- Opening Delimiter -

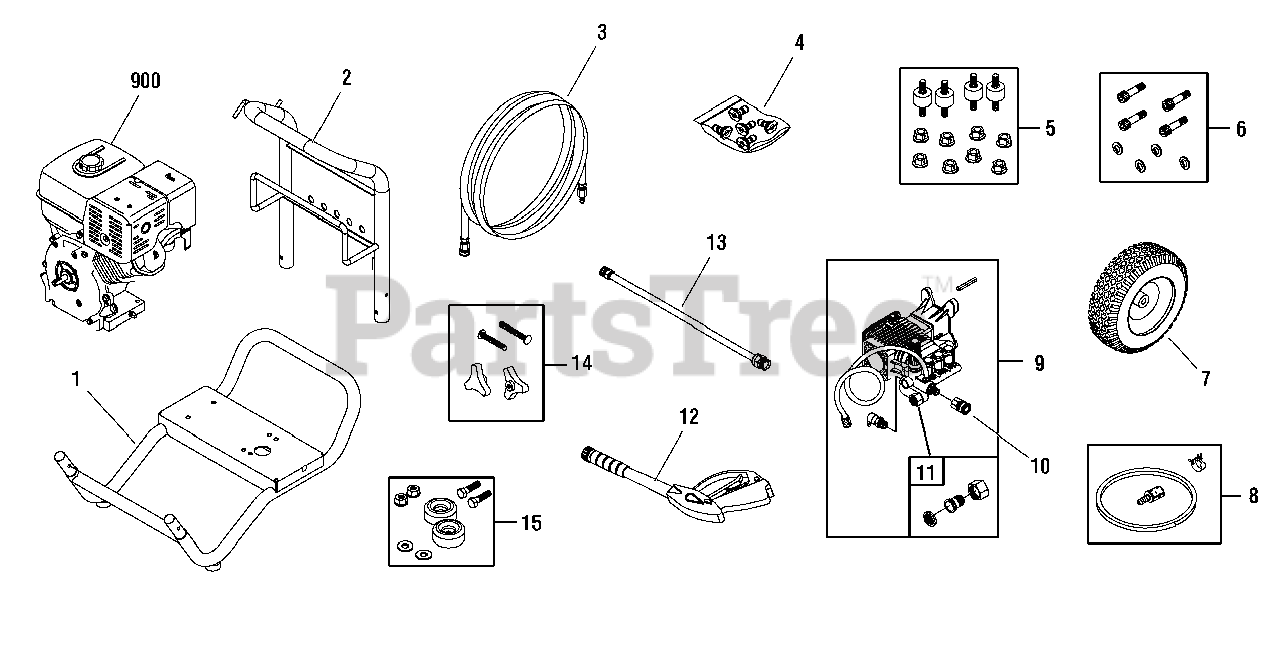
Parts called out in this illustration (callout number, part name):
4	KIT, QC Nozzles
5	KIT, Hardware, Engine Mounting
6	KIT, Hardware, Pump Mounting
9	PUMP
10	FITTING
11	ADAPTER, Garden Hose
12	GUN
13	EXTENSION, QC
14	KIT, Hardware Handle
15	KIT, Vibration Mount
900	* ENGINE
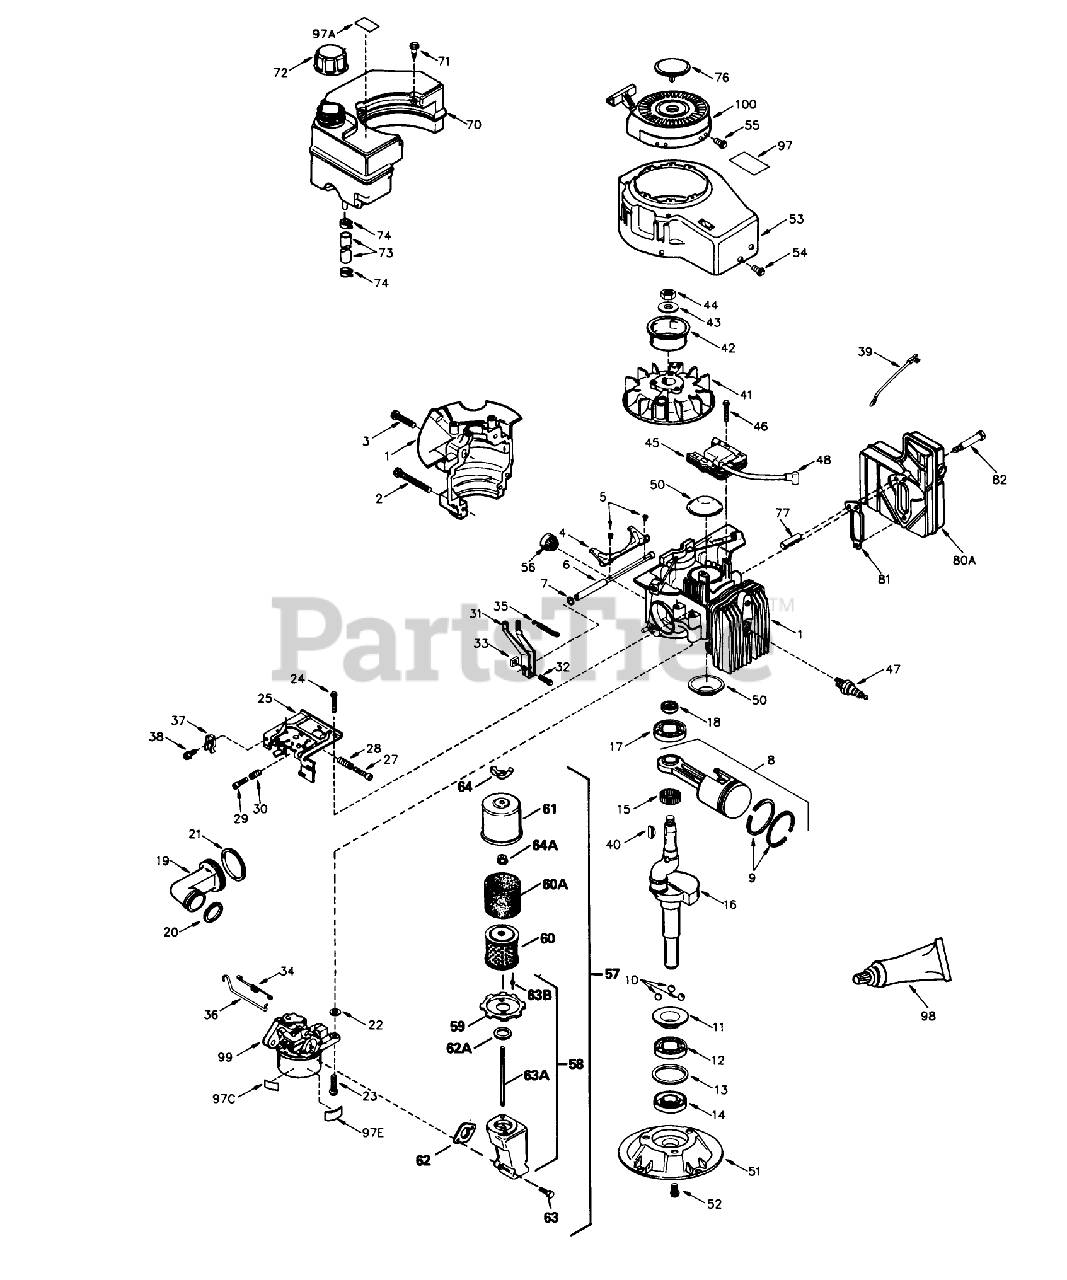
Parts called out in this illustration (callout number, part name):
2	Screw
3	Screw
4	Governor Lever
5	Screw-Shutter
6	Governor Shaft
7	Oil Seal
8	Piston Rod Assy. (Incl. Ref. #9 15)
9	Ring Set-Piston
11	Ring-Slide
12	Ball Bearing
13	Bearing Retainer
14	Oil Seal
15	Bearing-Strip
16	Crankshaft
17	Ball Bearing
18	Oil Seal
19	Intake Pipe Assy. (Incl. Ref. #20 21
20	O Ring
21	O Ring
22	Washer-Bowl Nut
23	Screw-Hex. Washer Hd.
24	Screw (10-24 x 3/8)
25	Control Bracket Assy. (Incl. Ref. #27 thru 30)
27	Screw-Phillips Hd.
28	Spring
29	Screw
30	Spring-Compression
31	Lever-Governor
32	Screw
33	Nut-Lock
34	Spring-Throttle Link
35	Spring-Governor
36	Link-Governor
37	Conduit
38	Screw-Hex. Hd.
39	Wire-Ground
40	Key-Flywheel
41	Flywheel
42	Cup-Starter
43	Washer-Belleville
44	Nut-Flywheel
45	Solid State
46	Screw
47	Spark Plug-Resistor (R C J 8Y)
48	Cover-Spark Plug
50	Cover-Port
51	Adapter
52	Screw-Hex. Washer Hd.
53	Housing-Blower
54	Screw
55	Screw, Hex Hd.
56	Filter-Fuel
57	Dual Upright Canister Air Cleaner Kit (Incl. Ref. #58, 60, 60A, 61, 62, 63, 64 97B)
58	Elbow Assy., Air Cleaner (Incl. Ref. #59, 62A, 63A 63B)
59	Bracket-Air Cleaner
60	Filter, Air Cleaner (incl. Ref. #64A)
60A	Filter-Pre-Air
61	Body, Air Cleaner
62	Gasket-Air Cleaner
62A	Gasket, Air Cleaner
63	Screw, Fil hd.
63B	Pop Rivet (Can be purchased locally.)
64	Nut-Wing
64A	Nut Lockwasher
70	Fuel Tank Assy.
71	Screw-Hex. Hd.
72	Cap-Fuel
73	Line-Fuel (8.62)
74	Clamp-Line, Fuel
76	Plug Starter
80A	Muffler
81	Exhaust Gasket
82	Screw-Hex. Hd.
97	Decal-Name
97A	Decal-Fuel Mixture
97C	Decal-Primer
97E	Decal-Instruction
98	Gasket Eliminator
99	Carburetor (Incl. Ref. #20)
100	Starter-Rewind

- Closing Delimiter -

Your assignment: Those lines above that contain the string "Plug" should be returned.

The completed task:
47	Spark Plug-Resistor (R C J 8Y)
48	Cover-Spark Plug
76	Plug Starter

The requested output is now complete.